*SUPPLIED ENTRIES*
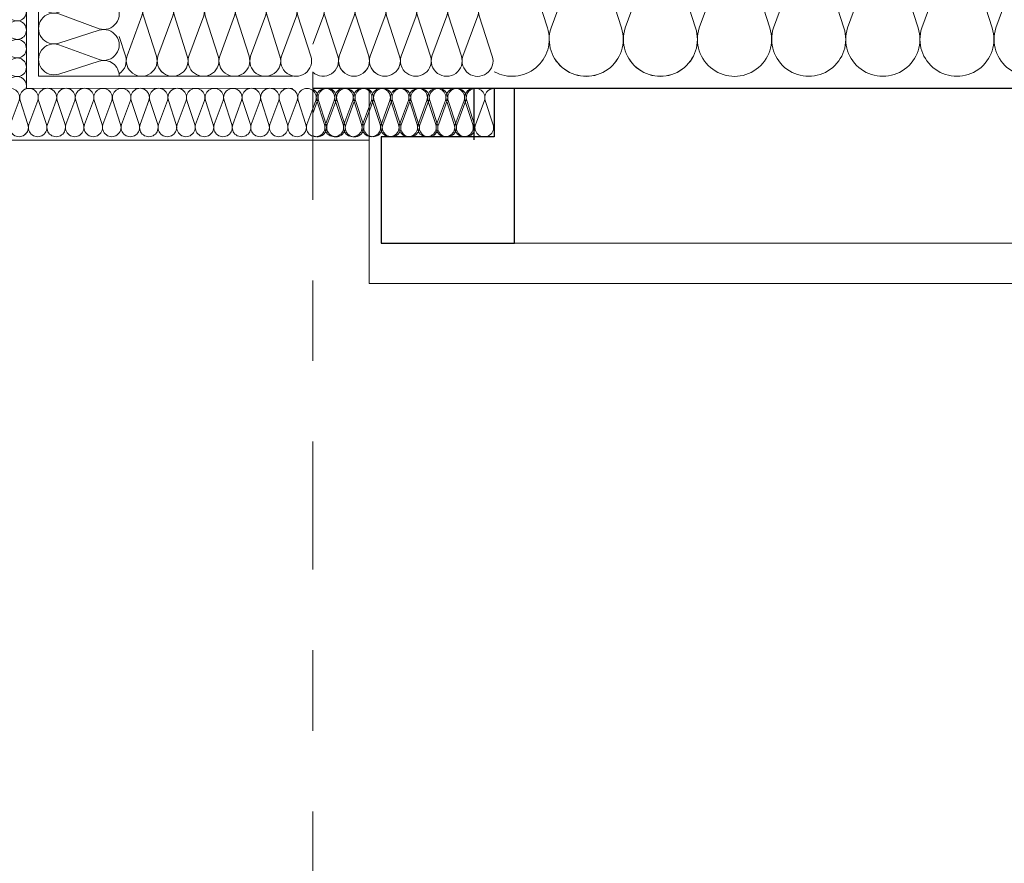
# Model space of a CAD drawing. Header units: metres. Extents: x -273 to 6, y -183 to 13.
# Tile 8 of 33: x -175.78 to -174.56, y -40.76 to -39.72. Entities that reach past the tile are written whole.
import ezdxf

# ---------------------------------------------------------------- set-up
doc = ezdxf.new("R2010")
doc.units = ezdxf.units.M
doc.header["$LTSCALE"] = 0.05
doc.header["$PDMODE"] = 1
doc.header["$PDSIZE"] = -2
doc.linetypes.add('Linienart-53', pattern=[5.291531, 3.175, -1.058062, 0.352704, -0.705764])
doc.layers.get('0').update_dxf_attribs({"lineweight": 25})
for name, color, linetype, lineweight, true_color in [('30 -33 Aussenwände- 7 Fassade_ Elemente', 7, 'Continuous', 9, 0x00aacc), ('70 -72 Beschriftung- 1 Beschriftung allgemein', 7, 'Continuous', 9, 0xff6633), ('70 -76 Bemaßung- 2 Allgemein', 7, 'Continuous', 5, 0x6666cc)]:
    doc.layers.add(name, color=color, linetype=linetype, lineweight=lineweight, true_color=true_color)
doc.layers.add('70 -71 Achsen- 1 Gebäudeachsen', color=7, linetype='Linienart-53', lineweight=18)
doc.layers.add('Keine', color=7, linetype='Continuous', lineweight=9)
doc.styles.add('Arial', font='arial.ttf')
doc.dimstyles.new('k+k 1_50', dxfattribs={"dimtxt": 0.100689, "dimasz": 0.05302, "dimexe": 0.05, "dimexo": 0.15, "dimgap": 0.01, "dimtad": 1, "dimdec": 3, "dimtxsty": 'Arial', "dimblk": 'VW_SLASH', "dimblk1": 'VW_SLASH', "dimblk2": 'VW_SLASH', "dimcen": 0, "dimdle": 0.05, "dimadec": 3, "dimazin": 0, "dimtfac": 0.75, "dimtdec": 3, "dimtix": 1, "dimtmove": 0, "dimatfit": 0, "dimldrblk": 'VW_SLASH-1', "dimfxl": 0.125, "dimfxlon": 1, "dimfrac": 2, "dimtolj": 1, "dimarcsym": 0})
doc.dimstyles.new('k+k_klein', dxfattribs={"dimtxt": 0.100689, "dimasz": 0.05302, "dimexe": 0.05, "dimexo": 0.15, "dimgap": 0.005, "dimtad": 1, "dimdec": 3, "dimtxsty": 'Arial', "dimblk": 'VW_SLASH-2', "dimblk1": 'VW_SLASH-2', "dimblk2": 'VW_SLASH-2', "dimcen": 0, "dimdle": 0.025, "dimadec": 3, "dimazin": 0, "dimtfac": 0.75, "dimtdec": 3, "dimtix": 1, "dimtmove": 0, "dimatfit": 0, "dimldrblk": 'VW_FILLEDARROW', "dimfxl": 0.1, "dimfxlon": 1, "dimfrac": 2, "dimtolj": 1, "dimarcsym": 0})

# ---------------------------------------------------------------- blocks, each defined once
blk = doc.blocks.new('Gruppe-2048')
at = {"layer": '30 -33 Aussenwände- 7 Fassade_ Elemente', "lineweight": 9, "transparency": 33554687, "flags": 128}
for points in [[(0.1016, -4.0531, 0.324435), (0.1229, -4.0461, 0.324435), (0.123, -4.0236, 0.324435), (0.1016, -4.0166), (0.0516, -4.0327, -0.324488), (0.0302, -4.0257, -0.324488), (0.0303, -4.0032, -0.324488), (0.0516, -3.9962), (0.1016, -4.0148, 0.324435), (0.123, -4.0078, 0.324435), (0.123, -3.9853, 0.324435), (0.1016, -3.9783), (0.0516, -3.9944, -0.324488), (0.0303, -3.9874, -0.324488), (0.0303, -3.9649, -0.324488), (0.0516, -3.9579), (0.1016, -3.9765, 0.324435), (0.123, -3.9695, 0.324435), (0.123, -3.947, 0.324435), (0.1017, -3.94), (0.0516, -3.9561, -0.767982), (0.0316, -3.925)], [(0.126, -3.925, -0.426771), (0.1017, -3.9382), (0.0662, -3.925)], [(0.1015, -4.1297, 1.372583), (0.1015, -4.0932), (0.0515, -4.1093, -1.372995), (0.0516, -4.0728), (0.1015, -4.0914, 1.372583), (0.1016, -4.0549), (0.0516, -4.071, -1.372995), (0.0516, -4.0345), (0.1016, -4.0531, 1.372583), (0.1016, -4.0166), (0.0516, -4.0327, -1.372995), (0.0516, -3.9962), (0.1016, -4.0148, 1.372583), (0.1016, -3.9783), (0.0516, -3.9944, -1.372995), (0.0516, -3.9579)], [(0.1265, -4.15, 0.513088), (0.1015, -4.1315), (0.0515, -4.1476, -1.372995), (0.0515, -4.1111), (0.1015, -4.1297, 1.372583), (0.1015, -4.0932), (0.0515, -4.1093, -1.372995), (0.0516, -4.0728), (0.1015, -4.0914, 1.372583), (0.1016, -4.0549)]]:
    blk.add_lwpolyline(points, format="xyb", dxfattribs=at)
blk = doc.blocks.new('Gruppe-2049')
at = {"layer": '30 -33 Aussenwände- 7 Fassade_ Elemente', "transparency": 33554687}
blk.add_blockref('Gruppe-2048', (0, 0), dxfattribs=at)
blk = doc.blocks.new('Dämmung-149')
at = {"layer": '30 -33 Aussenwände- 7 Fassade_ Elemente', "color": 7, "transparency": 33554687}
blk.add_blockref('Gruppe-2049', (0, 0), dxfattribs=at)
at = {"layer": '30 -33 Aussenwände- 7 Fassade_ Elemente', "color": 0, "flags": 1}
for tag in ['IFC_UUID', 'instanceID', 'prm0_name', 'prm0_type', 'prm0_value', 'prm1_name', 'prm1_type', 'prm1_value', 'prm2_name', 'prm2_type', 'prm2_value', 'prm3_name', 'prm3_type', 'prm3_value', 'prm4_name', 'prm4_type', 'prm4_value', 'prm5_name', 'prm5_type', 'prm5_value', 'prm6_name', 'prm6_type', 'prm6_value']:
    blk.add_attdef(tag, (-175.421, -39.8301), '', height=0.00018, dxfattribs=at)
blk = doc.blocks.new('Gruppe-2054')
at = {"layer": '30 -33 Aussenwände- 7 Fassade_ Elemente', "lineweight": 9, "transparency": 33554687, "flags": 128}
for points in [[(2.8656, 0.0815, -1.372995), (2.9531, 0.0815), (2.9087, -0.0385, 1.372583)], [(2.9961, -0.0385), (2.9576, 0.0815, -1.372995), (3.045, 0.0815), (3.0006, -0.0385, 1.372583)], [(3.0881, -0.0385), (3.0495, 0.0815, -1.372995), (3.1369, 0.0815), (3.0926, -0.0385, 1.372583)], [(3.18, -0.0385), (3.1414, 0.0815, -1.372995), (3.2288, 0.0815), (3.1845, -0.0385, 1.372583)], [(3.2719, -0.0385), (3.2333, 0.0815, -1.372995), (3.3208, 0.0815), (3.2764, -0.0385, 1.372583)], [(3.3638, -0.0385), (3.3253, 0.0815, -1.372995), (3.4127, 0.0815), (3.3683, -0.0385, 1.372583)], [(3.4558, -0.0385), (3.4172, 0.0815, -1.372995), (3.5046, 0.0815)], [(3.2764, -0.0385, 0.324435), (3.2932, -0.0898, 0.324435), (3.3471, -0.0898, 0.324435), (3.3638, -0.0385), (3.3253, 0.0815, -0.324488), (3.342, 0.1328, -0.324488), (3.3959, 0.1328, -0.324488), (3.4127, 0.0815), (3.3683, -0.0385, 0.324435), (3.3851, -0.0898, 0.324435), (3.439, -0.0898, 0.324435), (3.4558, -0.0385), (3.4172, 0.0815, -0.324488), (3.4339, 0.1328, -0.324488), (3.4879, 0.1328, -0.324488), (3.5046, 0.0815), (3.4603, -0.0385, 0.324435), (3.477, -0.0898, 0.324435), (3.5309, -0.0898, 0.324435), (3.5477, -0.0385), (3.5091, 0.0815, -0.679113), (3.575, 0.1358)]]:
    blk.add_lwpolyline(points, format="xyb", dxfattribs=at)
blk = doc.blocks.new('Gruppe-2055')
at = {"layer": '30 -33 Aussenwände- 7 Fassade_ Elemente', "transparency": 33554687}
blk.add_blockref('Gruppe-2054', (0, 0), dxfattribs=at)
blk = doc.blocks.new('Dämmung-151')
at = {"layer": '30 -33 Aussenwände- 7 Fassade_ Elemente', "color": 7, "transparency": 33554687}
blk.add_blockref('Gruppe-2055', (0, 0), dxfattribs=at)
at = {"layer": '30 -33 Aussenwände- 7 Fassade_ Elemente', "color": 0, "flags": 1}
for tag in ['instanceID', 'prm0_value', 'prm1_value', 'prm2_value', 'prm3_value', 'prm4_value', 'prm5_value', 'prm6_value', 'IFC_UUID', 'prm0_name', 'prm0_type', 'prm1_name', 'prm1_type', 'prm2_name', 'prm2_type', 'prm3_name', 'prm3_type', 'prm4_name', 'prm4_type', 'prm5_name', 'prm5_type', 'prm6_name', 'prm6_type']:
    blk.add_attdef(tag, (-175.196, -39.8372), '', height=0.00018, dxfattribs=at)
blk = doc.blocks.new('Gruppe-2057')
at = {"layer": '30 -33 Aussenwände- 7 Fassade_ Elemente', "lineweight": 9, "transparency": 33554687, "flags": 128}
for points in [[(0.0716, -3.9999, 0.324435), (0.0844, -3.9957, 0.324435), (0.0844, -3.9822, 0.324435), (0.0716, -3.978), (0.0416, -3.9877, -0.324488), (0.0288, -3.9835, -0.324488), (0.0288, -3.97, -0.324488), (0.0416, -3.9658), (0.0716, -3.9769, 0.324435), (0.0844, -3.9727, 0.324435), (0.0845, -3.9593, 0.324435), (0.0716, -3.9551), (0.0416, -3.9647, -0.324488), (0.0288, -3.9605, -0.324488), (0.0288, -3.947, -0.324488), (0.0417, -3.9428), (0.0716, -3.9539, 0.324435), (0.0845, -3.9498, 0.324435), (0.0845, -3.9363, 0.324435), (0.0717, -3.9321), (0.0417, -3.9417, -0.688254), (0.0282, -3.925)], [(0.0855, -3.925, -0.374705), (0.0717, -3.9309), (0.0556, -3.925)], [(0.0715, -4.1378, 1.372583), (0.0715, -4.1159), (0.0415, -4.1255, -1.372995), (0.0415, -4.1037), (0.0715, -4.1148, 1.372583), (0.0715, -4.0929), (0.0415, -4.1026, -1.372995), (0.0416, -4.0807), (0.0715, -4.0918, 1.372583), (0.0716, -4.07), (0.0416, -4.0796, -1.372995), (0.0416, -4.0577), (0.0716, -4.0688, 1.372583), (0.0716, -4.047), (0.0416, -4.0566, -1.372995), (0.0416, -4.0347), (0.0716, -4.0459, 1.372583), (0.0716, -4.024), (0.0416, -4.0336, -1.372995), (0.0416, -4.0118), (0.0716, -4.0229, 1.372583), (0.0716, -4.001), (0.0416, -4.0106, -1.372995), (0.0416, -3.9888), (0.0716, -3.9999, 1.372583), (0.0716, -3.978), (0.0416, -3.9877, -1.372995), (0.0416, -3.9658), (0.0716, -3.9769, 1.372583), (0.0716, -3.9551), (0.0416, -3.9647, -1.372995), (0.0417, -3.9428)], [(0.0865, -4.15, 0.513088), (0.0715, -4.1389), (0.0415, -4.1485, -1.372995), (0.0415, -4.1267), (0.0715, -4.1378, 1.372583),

*TASK STATEMENT*
From the listing above, the lines starting with the one that has "for name, color, linetype, lineweight, true_color" and running through the one that has "doc.styles.add('Arial', font='arial.ttf')" should be copied exactly, ends included.

*RESPONSE BOX*
for name, color, linetype, lineweight, true_color in [('30 -33 Aussenwände- 7 Fassade_ Elemente', 7, 'Continuous', 9, 0x00aacc), ('70 -72 Beschriftung- 1 Beschriftung allgemein', 7, 'Continuous', 9, 0xff6633), ('70 -76 Bemaßung- 2 Allgemein', 7, 'Continuous', 5, 0x6666cc)]:
    doc.layers.add(name, color=color, linetype=linetype, lineweight=lineweight, true_color=true_color)
doc.layers.add('70 -71 Achsen- 1 Gebäudeachsen', color=7, linetype='Linienart-53', lineweight=18)
doc.layers.add('Keine', color=7, linetype='Continuous', lineweight=9)
doc.styles.add('Arial', font='arial.ttf')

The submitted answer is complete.